Task goal: The listing is to be repeated exactly, and its pictures are to be left out.

Exercise inputs:
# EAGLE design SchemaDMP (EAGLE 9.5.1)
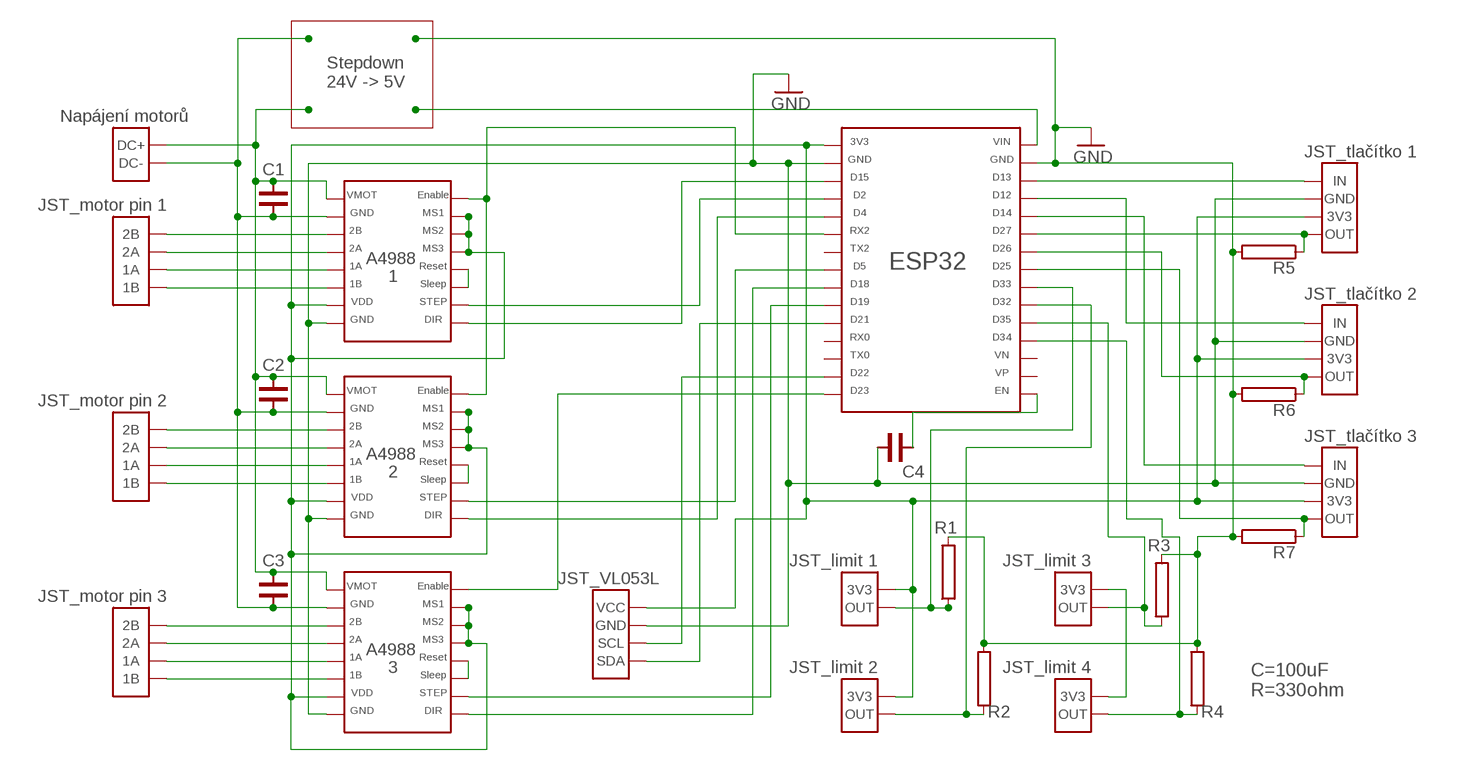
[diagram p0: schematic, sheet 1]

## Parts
R1  RR  [R]
R2  RR  [R]
R3  RR  [R]
R4  RR  [R]
R5  RR  [R]
R6  RR  [R]
R7  RR  [R]
U$1  A4988  [A4988]
U$2  A4988  [A4988]
U$3  JST_4P  [JST_4P]
U$4  JST_4P  [JST_4P]
U$5  A4988  [A4988]
U$6  JST_4P  [JST_4P]
U$7  POWER_2P  [POWER_2P]
U$8  ESP32  [ESP32]
U$9  JST_2P  [JST_2P]
U$10  JST_2P  [JST_2P]
U$11  JST_2P  [JST_2P]
U$12  JST_MOTOR  [JST_MOTOR]
U$13  JST_MOTOR  [JST_MOTOR]
U$14  JST_VL053L  [JST_VL053L]
U$15  JST_2P  [JST_2P]
U$16  JST_MOTOR  [JST_MOTOR]
U$18  C  [C]
U$19  C  [C]
U$20  C  [C]
U$22  STEPDOWN  [STEPDOWN]
U$23  C  [C]

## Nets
GND: R1.2 R2.2 R3.2 R4.2 R5.2 R6.2 R7.2 U$1.P$8(GND2) U$2.P$8(GND2) U$3.P$2 U$4.P$2 U$5.P$8(GND2) U$6.P$2 U$8.P$2(GND) U$8.P$17(GND2) U$14.P$2 U$22.P$1 U$23.P$1
N$2: U$1.P$2(GND) U$2.P$2(GND) U$5.P$2(GND) U$7.P$2 U$18.P$1 U$19.P$1 U$20.P$1 U$22.P$4
N$3: U$5.P$3(2B) U$12.P$1
N$4: U$5.P$4(2A) U$12.P$2
N$5: U$5.P$5(1A) U$12.P$3
N$6: U$5.P$6(1B) U$12.P$4
N$7: U$1.P$3(2B) U$13.P$1
N$8: U$1.P$4(2A) U$13.P$2
N$9: U$1.P$5(1A) U$13.P$3
N$10: U$1.P$6(1B) U$13.P$4
N$11: U$2.P$3(2B) U$16.P$1
N$12: U$2.P$4(2A) U$16.P$2
N$13: U$2.P$5(1A) U$16.P$3
N$14: U$2.P$6(1B) U$16.P$4
N$15: U$5.P$16(DIR) U$8.P$18(D15)
N$17: U$1.P$9(ENABLE) U$5.P$9(ENABLE) U$8.P$21(RX2)
N$19: U$1.P$7(VDD) U$1.P$10(MS1) U$1.P$11(MS2) U$1.P$12(MS3) U$2.P$7(VDD) U$2.P$10(MS1) U$2.P$11(MS2) U$2.P$12(MS3) U$3.P$3 U$4.P$3 U$5.P$7(VDD) U$5.P$10(MS1) U$5.P$11(MS2) U$5.P$12(MS3) U$6.P$3 U$8.P$16(3V3) U$10.P$1 U$14.P$1 U$15.P$1
N$21: U$5.P$13(RESET) U$5.P$14(SLEEP)
N$22: U$1.P$13(RESET) U$1.P$14(SLEEP)
N$23: U$2.P$13(RESET) U$2.P$14(SLEEP)
N$24: R5.1 U$4.P$4 U$8.P$6(D27)
N$25: U$5.P$15(STEP) U$8.P$19(D2)
N$26: U$1.P$16(DIR) U$8.P$20(D4)
N$27: U$1.P$15(STEP) U$8.P$23(D5)
N$28: U$2.P$15(STEP) U$8.P$25(D19)
N$29: U$2.P$16(DIR) U$8.P$24(D18)
N$30: U$8.P$1(VIN) U$22.P$2
N$31: R2.1 U$8.P$10(D32) U$10.P$2
N$32: R3.1 U$8.P$11(D35) U$9.P$2
N$33: R4.1 U$8.P$12(D34) U$11.P$2
N$34: U$8.P$26(D21) U$14.P$4
N$35: U$8.P$29(D22) U$14.P$3
N$36: U$4.P$1 U$8.P$3(D13)
N$37: U$6.P$1 U$8.P$4(D12)
N$38: U$3.P$1 U$8.P$5(D14)
N$39: R6.1 U$6.P$4 U$8.P$7(D26)
N$40: R7.1 U$3.P$4 U$8.P$8(D25)
N$41: U$2.P$9(ENABLE) U$8.P$30(D23)
N$44: U$8.P$15(EN) U$23.P$2
N$45: R1.1 U$8.P$9(D33) U$15.P$2
N$49: U$9.P$1 U$11.P$1
N$51: U$1.P$1(VMOT) U$2.P$1(VMOT) U$5.P$1(VMOT) U$7.P$1 U$18.P$2 U$19.P$2 U$20.P$2 U$22.P$3
Unconnected: U$8.P$13(VN) U$8.P$14(VP) U$8.P$22(TX2) U$8.P$27(RX0) U$8.P$28(TX0)

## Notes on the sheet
- Stepdown 
  24V -> 5V
- Napájení motorů
- JST_tlačítko 1
- C1
- JST_motor pin 1
- 1
- JST_tlačítko 2
- C2
- JST_motor pin 2
- JST_tlačítko 3
- 2 | C4
- C3 | JST_limit 1 | JST_limit 3
- JST_motor pin 3
- 3 | JST_limit 2 | JST_limit 4
- C=100uF
  R=330ohm

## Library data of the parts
R1-R7 = _DMP:R
U$1 U$2 U$5 = _DMP:A4988
U$3 U$4 U$6 = _DMP:JST_4P
U$7 = _DMP:POWER_2P
U$8 = _DMP:ESP32
U$9-U$11 U$15 = _DMP:JST_2P
U$12 U$13 U$16 = _DMP:JST_MOTOR
U$14 = _DMP:JST_VL053L
U$18-U$20 U$23 = _DMP:C
U$22 = _DMP:STEPDOWN

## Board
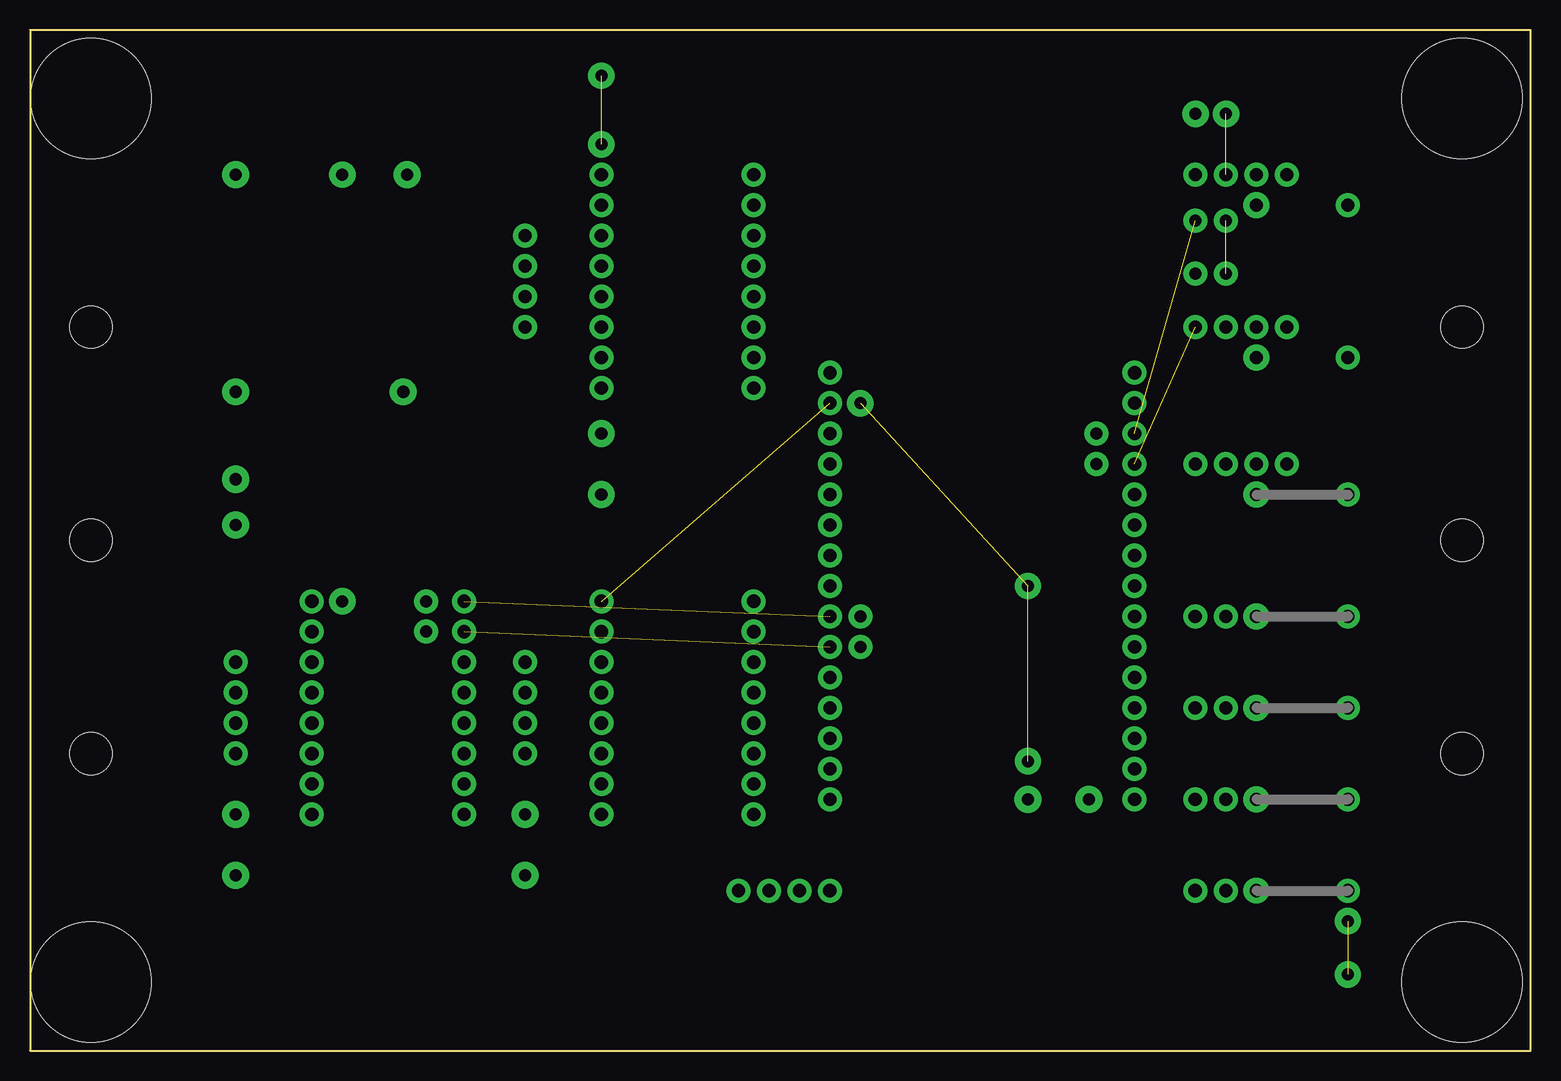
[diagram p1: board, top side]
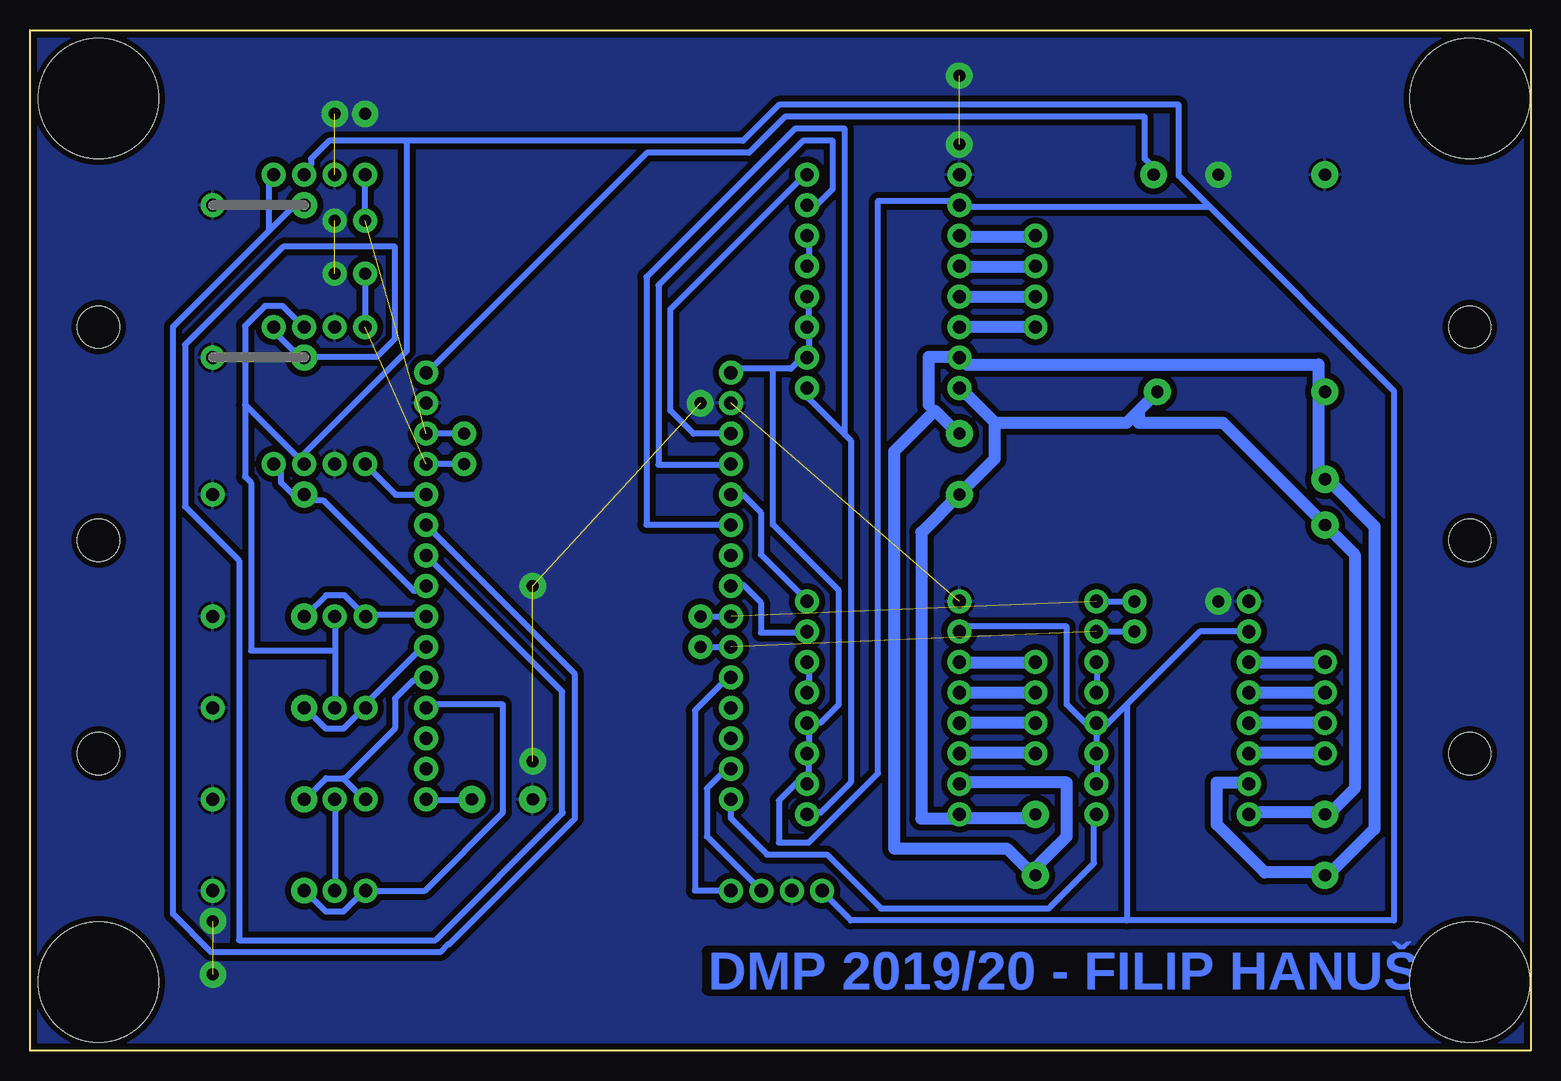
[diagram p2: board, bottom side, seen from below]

Size 125.09 x 85.09 mm. Coordinates in mm from the lower left corner, seen from the top.
Outline: 0,0 125.09,0 125.09,85.09 0,85.09 0,0
Copper layers (1*16): Top 0.035mm / dielectric 1.5mm / Bottom 0.035mm
Design rules "default *": minimum track width 0.5mm, minimum drill 1mm, track to track 0.5mm, track to pad 0.5mm, pad to pad 0.3mm, via to via 0.5mm, smd to smd 0.3mm, copper to edge 0.5mm, drill to drill 0.5mm, minimum pad ring 10mil, minimum via ring 8mil, stop-mask expansion 4mil, vias tented up to drill 0mil, thermal gap 10mil
Holes 3.5 mm at 5.08,42.55 119.38,42.55 5.08,60.33 5.08,24.77 119.38,60.33 119.38,24.77
Holes 10 mm at 5.08,79.38 119.38,79.38 119.38,5.71 5.08,5.71

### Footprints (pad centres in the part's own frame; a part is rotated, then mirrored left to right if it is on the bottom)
R = drill 1.1 pad 2.15: 1 0,0 | drill 1.1 pad 2: 2 7.62,0
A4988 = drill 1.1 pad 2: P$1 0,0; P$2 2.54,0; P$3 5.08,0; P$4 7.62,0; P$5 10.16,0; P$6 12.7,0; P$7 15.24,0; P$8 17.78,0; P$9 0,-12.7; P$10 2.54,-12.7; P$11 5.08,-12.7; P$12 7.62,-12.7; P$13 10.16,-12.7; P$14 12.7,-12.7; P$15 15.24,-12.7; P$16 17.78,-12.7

Answer space:
# EAGLE design SchemaDMP (EAGLE 9.5.1)
[diagram p0: schematic, sheet 1]

## Parts
R1  RR  [R]
R2  RR  [R]
R3  RR  [R]
R4  RR  [R]
R5  RR  [R]
R6  RR  [R]
R7  RR  [R]
U$1  A4988  [A4988]
U$2  A4988  [A4988]
U$3  JST_4P  [JST_4P]
U$4  JST_4P  [JST_4P]
U$5  A4988  [A4988]
U$6  JST_4P  [JST_4P]
U$7  POWER_2P  [POWER_2P]
U$8  ESP32  [ESP32]
U$9  JST_2P  [JST_2P]
U$10  JST_2P  [JST_2P]
U$11  JST_2P  [JST_2P]
U$12  JST_MOTOR  [JST_MOTOR]
U$13  JST_MOTOR  [JST_MOTOR]
U$14  JST_VL053L  [JST_VL053L]
U$15  JST_2P  [JST_2P]
U$16  JST_MOTOR  [JST_MOTOR]
U$18  C  [C]
U$19  C  [C]
U$20  C  [C]
U$22  STEPDOWN  [STEPDOWN]
U$23  C  [C]

## Nets
GND: R1.2 R2.2 R3.2 R4.2 R5.2 R6.2 R7.2 U$1.P$8(GND2) U$2.P$8(GND2) U$3.P$2 U$4.P$2 U$5.P$8(GND2) U$6.P$2 U$8.P$2(GND) U$8.P$17(GND2) U$14.P$2 U$22.P$1 U$23.P$1
N$2: U$1.P$2(GND) U$2.P$2(GND) U$5.P$2(GND) U$7.P$2 U$18.P$1 U$19.P$1 U$20.P$1 U$22.P$4
N$3: U$5.P$3(2B) U$12.P$1
N$4: U$5.P$4(2A) U$12.P$2
N$5: U$5.P$5(1A) U$12.P$3
N$6: U$5.P$6(1B) U$12.P$4
N$7: U$1.P$3(2B) U$13.P$1
N$8: U$1.P$4(2A) U$13.P$2
N$9: U$1.P$5(1A) U$13.P$3
N$10: U$1.P$6(1B) U$13.P$4
N$11: U$2.P$3(2B) U$16.P$1
N$12: U$2.P$4(2A) U$16.P$2
N$13: U$2.P$5(1A) U$16.P$3
N$14: U$2.P$6(1B) U$16.P$4
N$15: U$5.P$16(DIR) U$8.P$18(D15)
N$17: U$1.P$9(ENABLE) U$5.P$9(ENABLE) U$8.P$21(RX2)
N$19: U$1.P$7(VDD) U$1.P$10(MS1) U$1.P$11(MS2) U$1.P$12(MS3) U$2.P$7(VDD) U$2.P$10(MS1) U$2.P$11(MS2) U$2.P$12(MS3) U$3.P$3 U$4.P$3 U$5.P$7(VDD) U$5.P$10(MS1) U$5.P$11(MS2) U$5.P$12(MS3) U$6.P$3 U$8.P$16(3V3) U$10.P$1 U$14.P$1 U$15.P$1
N$21: U$5.P$13(RESET) U$5.P$14(SLEEP)
N$22: U$1.P$13(RESET) U$1.P$14(SLEEP)
N$23: U$2.P$13(RESET) U$2.P$14(SLEEP)
N$24: R5.1 U$4.P$4 U$8.P$6(D27)
N$25: U$5.P$15(STEP) U$8.P$19(D2)
N$26: U$1.P$16(DIR) U$8.P$20(D4)
N$27: U$1.P$15(STEP) U$8.P$23(D5)
N$28: U$2.P$15(STEP) U$8.P$25(D19)
N$29: U$2.P$16(DIR) U$8.P$24(D18)
N$30: U$8.P$1(VIN) U$22.P$2
N$31: R2.1 U$8.P$10(D32) U$10.P$2
N$32: R3.1 U$8.P$11(D35) U$9.P$2
N$33: R4.1 U$8.P$12(D34) U$11.P$2
N$34: U$8.P$26(D21) U$14.P$4
N$35: U$8.P$29(D22) U$14.P$3
N$36: U$4.P$1 U$8.P$3(D13)
N$37: U$6.P$1 U$8.P$4(D12)
N$38: U$3.P$1 U$8.P$5(D14)
N$39: R6.1 U$6.P$4 U$8.P$7(D26)
N$40: R7.1 U$3.P$4 U$8.P$8(D25)
N$41: U$2.P$9(ENABLE) U$8.P$30(D23)
N$44: U$8.P$15(EN) U$23.P$2
N$45: R1.1 U$8.P$9(D33) U$15.P$2
N$49: U$9.P$1 U$11.P$1
N$51: U$1.P$1(VMOT) U$2.P$1(VMOT) U$5.P$1(VMOT) U$7.P$1 U$18.P$2 U$19.P$2 U$20.P$2 U$22.P$3
Unconnected: U$8.P$13(VN) U$8.P$14(VP) U$8.P$22(TX2) U$8.P$27(RX0) U$8.P$28(TX0)

## Notes on the sheet
- Stepdown 
  24V -> 5V
- Napájení motorů
- JST_tlačítko 1
- C1
- JST_motor pin 1
- 1
- JST_tlačítko 2
- C2
- JST_motor pin 2
- JST_tlačítko 3
- 2 | C4
- C3 | JST_limit 1 | JST_limit 3
- JST_motor pin 3
- 3 | JST_limit 2 | JST_limit 4
- C=100uF
  R=330ohm

## Library data of the parts
R1-R7 = _DMP:R
U$1 U$2 U$5 = _DMP:A4988
U$3 U$4 U$6 = _DMP:JST_4P
U$7 = _DMP:POWER_2P
U$8 = _DMP:ESP32
U$9-U$11 U$15 = _DMP:JST_2P
U$12 U$13 U$16 = _DMP:JST_MOTOR
U$14 = _DMP:JST_VL053L
U$18-U$20 U$23 = _DMP:C
U$22 = _DMP:STEPDOWN

## Board
[diagram p1: board, top side]
[diagram p2: board, bottom side, seen from below]

Size 125.09 x 85.09 mm. Coordinates in mm from the lower left corner, seen from the top.
Outline: 0,0 125.09,0 125.09,85.09 0,85.09 0,0
Copper layers (1*16): Top 0.035mm / dielectric 1.5mm / Bottom 0.035mm
Design rules "default *": minimum track width 0.5mm, minimum drill 1mm, track to track 0.5mm, track to pad 0.5mm, pad to pad 0.3mm, via to via 0.5mm, smd to smd 0.3mm, copper to edge 0.5mm, drill to drill 0.5mm, minimum pad ring 10mil, minimum via ring 8mil, stop-mask expansion 4mil, vias tented up to drill 0mil, thermal gap 10mil
Holes 3.5 mm at 5.08,42.55 119.38,42.55 5.08,60.33 5.08,24.77 119.38,60.33 119.38,24.77
Holes 10 mm at 5.08,79.38 119.38,79.38 119.38,5.71 5.08,5.71

### Footprints (pad centres in the part's own frame; a part is rotated, then mirrored left to right if it is on the bottom)
R = drill 1.1 pad 2.15: 1 0,0 | drill 1.1 pad 2: 2 7.62,0
A4988 = drill 1.1 pad 2: P$1 0,0; P$2 2.54,0; P$3 5.08,0; P$4 7.62,0; P$5 10.16,0; P$6 12.7,0; P$7 15.24,0; P$8 17.78,0; P$9 0,-12.7; P$10 2.54,-12.7; P$11 5.08,-12.7; P$12 7.62,-12.7; P$13 10.16,-12.7; P$14 12.7,-12.7; P$15 15.24,-12.7; P$16 17.78,-12.7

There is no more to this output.